**EXERCISE BRIEF**
In the entries below, find the lines with the word "DesignLab" and copy them.

Extracted data entries
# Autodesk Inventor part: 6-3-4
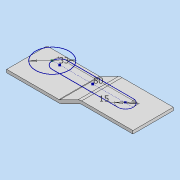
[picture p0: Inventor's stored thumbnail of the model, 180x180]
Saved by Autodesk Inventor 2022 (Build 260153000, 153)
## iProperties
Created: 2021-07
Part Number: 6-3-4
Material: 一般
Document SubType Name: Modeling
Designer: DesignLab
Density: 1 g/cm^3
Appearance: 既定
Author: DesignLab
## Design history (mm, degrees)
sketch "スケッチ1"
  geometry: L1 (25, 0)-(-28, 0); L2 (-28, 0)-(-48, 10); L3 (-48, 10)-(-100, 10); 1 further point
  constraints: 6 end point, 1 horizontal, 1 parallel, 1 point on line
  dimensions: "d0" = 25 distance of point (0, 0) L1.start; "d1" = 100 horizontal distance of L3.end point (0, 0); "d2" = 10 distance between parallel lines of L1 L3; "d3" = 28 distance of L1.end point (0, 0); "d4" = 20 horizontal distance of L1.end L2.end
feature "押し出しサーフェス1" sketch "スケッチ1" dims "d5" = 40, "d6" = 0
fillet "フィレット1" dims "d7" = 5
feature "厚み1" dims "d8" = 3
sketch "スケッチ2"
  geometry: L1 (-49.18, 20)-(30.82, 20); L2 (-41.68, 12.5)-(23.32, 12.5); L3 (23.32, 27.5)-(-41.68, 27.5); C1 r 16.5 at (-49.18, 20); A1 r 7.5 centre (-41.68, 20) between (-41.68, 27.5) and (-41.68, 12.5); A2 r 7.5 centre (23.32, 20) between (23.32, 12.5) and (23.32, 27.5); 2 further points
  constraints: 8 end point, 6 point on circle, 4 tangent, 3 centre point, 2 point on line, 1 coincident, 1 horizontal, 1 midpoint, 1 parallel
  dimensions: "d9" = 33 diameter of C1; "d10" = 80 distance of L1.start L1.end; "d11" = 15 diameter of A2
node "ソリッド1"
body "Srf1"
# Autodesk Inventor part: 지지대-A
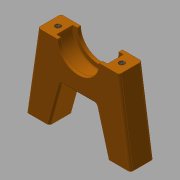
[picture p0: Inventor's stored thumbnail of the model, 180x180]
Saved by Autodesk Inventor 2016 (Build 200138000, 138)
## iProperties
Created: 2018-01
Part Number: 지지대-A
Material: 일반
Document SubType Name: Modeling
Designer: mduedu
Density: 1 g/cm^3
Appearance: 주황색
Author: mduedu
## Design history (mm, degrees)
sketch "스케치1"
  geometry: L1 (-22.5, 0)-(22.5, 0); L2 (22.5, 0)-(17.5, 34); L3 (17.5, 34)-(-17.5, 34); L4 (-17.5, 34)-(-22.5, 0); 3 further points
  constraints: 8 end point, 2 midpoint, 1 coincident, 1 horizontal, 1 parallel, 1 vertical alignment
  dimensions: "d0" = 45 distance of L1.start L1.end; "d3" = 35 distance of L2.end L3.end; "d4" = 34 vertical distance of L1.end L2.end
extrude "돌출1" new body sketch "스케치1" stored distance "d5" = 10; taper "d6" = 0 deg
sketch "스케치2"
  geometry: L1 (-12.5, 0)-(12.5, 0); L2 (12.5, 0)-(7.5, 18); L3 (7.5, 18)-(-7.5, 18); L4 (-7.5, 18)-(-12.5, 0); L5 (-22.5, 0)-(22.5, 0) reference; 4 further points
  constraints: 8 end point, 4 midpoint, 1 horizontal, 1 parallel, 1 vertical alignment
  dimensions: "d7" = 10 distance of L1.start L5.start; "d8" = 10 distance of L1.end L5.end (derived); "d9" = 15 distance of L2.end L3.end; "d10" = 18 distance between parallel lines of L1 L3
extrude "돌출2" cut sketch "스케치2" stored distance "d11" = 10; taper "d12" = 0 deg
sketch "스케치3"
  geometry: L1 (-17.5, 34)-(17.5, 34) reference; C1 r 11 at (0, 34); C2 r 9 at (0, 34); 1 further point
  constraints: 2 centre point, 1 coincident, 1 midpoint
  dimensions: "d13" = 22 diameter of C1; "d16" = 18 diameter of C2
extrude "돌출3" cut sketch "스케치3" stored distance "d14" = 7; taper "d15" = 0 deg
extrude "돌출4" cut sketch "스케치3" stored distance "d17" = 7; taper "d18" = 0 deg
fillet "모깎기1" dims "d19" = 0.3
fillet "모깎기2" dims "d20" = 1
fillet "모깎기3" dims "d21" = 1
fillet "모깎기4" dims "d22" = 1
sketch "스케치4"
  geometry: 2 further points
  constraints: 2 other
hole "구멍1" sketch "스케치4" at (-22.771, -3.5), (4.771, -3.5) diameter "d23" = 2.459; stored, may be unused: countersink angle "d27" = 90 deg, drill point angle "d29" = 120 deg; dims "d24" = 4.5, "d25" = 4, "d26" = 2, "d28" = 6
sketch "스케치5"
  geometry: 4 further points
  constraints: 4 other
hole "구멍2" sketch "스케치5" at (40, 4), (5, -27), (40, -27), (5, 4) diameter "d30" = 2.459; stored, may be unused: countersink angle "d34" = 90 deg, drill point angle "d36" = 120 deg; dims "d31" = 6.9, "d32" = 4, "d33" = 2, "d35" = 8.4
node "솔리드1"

**OUTPUT FOR THIS EXERCISE**
Designer: DesignLab
Author: DesignLab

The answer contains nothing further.